Reporting Your Compatriots' Sins

New generation of Serbian journalists grapples with ethics and challenges of tackling dark side of their country’s recent history.

Reporting Your Compatriots' Sins

New generation of Serbian journalists grapples with ethics and challenges of tackling dark side of their country’s recent history.

Monday, 15 February, 2010
During a visit to the Institute for War and Peace Reporting in London, two of my colleagues from Serbia and I were offered the opportunity to become correspondents.



The idea was that we cover some trials related to war crimes committed in the former Yugoslavia in the Nineties.



Would I be able to do it?



I love my country. It is perhaps economically weak and politically unstable, and its citizens can’t travel almost anywhere without a visa. Still, it is mine.



I was very young at the time of the Balkan conflicts and my memories are only blurry.



Over the years, many things have been mythologised – some people have been proclaimed heroes, and some see themselves as winners, although all sides have lost enormously, especially in human lives.



Some of my fellow Serbs have been convicted or indicted for war crimes - mass murder of civilians, rape, and ethnic cleansing.



“My people? Never! We are all so good and kind.”



With such an initial reaction, will I, as a young journalist, be able to report objectively about the crimes of my compatriots?



Can a nation, having gone through the horrors of war, allow itself to be untruthful about it? And can a journalist, even the biggest patriot, neglect the facts of these events? No, never, would be the first answer.



If we wish to overcome the past and mature as a nation, we must be true to ourselves.



This is exactly where the media can play a crucial role – they can report on testimonies, victims’ stories, shed some light on events.



However, they can also do just the opposite – inflame remains of hate, distort realities and report lies.



A journalist’s obligation in such situations is clear – to report objectively and truthfully.



But when it comes to concrete cases and real people, this is not always simple.



No matter how much they try to be unbiased, journalists, nevertheless, have backgrounds. While growing up, they have picked up the prejudices of their surroundings, and find it difficult to break away from the context in which they are living.



In addition, while a conflict is under way, there is pressure from the government, and, after the war, they face pressure from the public.



In the course of researching war crimes reporting, I have come across stories of men and women who are regarded by some as good journalists because they wrote about the crimes of their nation – yet others see them as traitors.



On the other side, we have journalists who “served the state” and some call them patriots, while others refer to them as hate mongers and instigators.



Whether in times of war or not, a journalist should always serve the public interest, the truth and universal human values.



Although views on certain issues may differ, I do not see how the rape of a woman or the murder of an infant can be viewed as anything other than a crime.
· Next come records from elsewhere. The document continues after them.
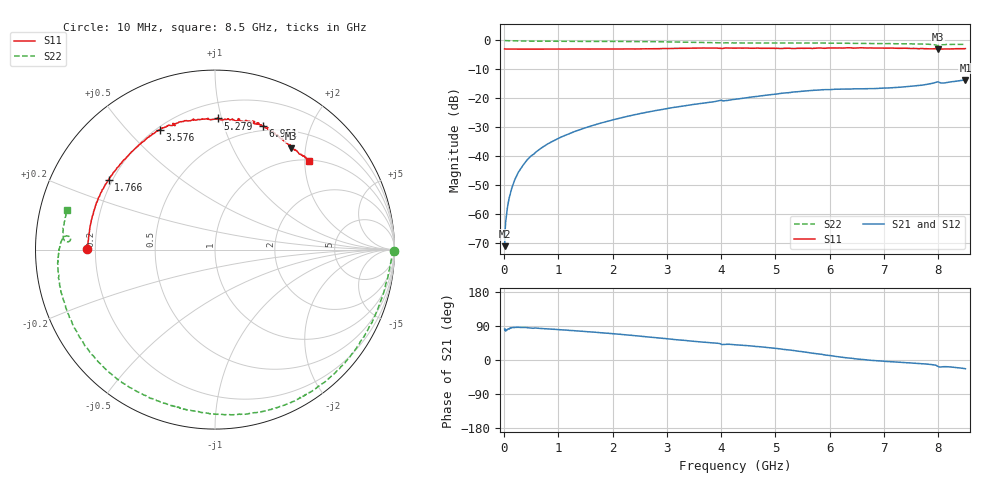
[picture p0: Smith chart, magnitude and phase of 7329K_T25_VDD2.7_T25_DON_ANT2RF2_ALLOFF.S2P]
!Agilent Technologies,E5071C,MY46417908,A.11.23
!Date: Mon Aug 31 18:03:31 2020
!Data & Calibration Information:
!Freq	S11:SOLT2(ON)	S21:SOLT2(ON)	S12:SOLT2(ON)	S22:SOLT2(ON)
!PortZ  Port1:50+j0  Port2:50+j0
!Above PortZ is port z conversion or system Z0 setting when saving the data.
!When reading, reference impedance value at option line is always used.
# Hz S dB R 50
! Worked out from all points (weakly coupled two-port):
!   1601 points, 10 MHz to 8.5 GHz, reference 50 ohm
!   highest |S21| = -13.61 dB at 8.5 GHz (marker M1); lowest = -71.0 dB at 10 MHz (marker M2)
!   lowest |S11| = -3.0 dB at 8.001 GHz (marker M3), VSWR 5.81, Z = 38.5 + j86.8 ohm
!   |S11| at or under -10 dB: nowhere
!   |S22| runs from -1.9 to 0.0 dB; largest |S21 - S12| = 0.003
!   S11 on the Smith chart (normalised r, x): 10 MHz: 0.17, +0.00; 1.766 GHz: 0.18, +0.29; 3.576 GHz: 0.21, +0.62; 5.279 GHz: 0.31, +0.97; 6.951 GHz: 0.45, +1.36; 8.5 GHz: 1.01, +2.10
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1e7  -2.95 179.8  -70.96 81.3  -70.53 82.9  -0.02 -0.4
6.836875e7  -2.99 178.5  -56.87 80.8  -57.05 80.9  -0.11 -2.0
1.214312e8  -2.99 177.3  -52.25 84.5  -52.21 84.3  -0.14 -3.3
2.169438e8  -3.01 175.3  -47.32 85.9  -47.27 86.3  -0.18 -5.3
3.389875e8  -3.01 173.0  -43.32 85.9  -43.29 86.2  -0.22 -8.1
4.822562e8  -3.01 170.1  -40.14 84.3  -40.15 84.5  -0.26 -11.4
7.634875e8  -3.00 164.8  -36.19 82.5  -36.19 82.5  -0.30 -17.7
1.426769e9  -2.98 152.8  -30.60 75.9  -30.58 75.9  -0.36 -33.4
1.766369e9  -2.98 146.6  -28.60 72.2  -28.59 72.2  -0.36 -41.4
2.843538e9  -2.85 126.1  -24.04 58.3  -24.04 58.2  -0.46 -67.0
3.5758e9  -2.66 114.8  -21.89 48.2  -21.88 48.3  -0.70 -86.0
4.255e9  -2.64 105.7  -20.33 40.2  -20.33 40.2  -0.88 -101.8
4.828075e9  -2.75 96.3  -18.90 33.2  -18.89 33.2  -0.90 -114.1
5.279106e9  -2.72 88.8  -17.96 26.2  -17.94 26.4  -0.89 -125.5
5.671769e9  -2.77 81.2  -17.25 18.3  -17.22 18.6  -0.91 -137.4
6.276681e9  -2.63 73.1  -16.78 6.4  -16.83 6.6  -0.99 -157.5
6.950575e9  -2.62 68.9  -16.53 -2.6  -16.58 -2.6  -1.10 -173.1
7.088538e9  -2.67 66.3  -16.40 -4.3  -16.44 -4.7  -1.11 -175.1
7.77835e9  -2.84 57.6  -15.20 -10.6  -15.23 -10.6  -1.30 178.0
8.001212e9  -3.02 53.1  -14.33 -17.4  -14.37 -17.4  -1.86 175.9
8.155094e9  -2.93 50.5  -14.54 -17.5  -14.57 -17.5  -1.40 174.3
8.5e9  -2.83 43.4  -13.61 -23.0  -13.68 -23.5  -1.37 165.0

The same goes for covering up atrocities or, even worse, glorifying such acts as patriotic.



Those who love their nation must face themselves and their compatriots with the truth in order to overcome it and become better and stronger.



If an American journalist can report about crimes committed in Vietnam; if a German reporter can write about the Holocaust; than why shouldn’t a Croat cover Operation Storm in 1995; or a Serb reporter write about events in the Srebrenica of the same year?



The last thing we should say as a means of justification is that such things occur in a war.



These things do not just happen – somebody is doing them, ordering them, not stopping them – and the fact that such crimes are expected, tolerated or easy to cover up in times of war certainly does not help.



The situation is similar when we talk about war crimes trials, although the discussion about the impartiality of international and local courts is something that can burden journalists.



Still, they are allowed to give their assessment on the courts’ fairness or lack thereof only through facts, regardless of their personal feelings.



This does not mean that the journalist cannot present their opinion in some other medium, or that the verdict is off-limits for debate and discussion.



As a young journalist, I no longer ask myself the question of whether I will be able to report objectively about war crimes. I am aware that I owe this to myself and to those for whom I’m reporting. I understand that this will not be at all easy.



“My people? Maybe. I’ll find out.”



Jasna Jankovic is studying journalism in Belgrade. She was among a group of Serbian students who recently visited IWPR's offices in London as part of an OSCE-organised programme.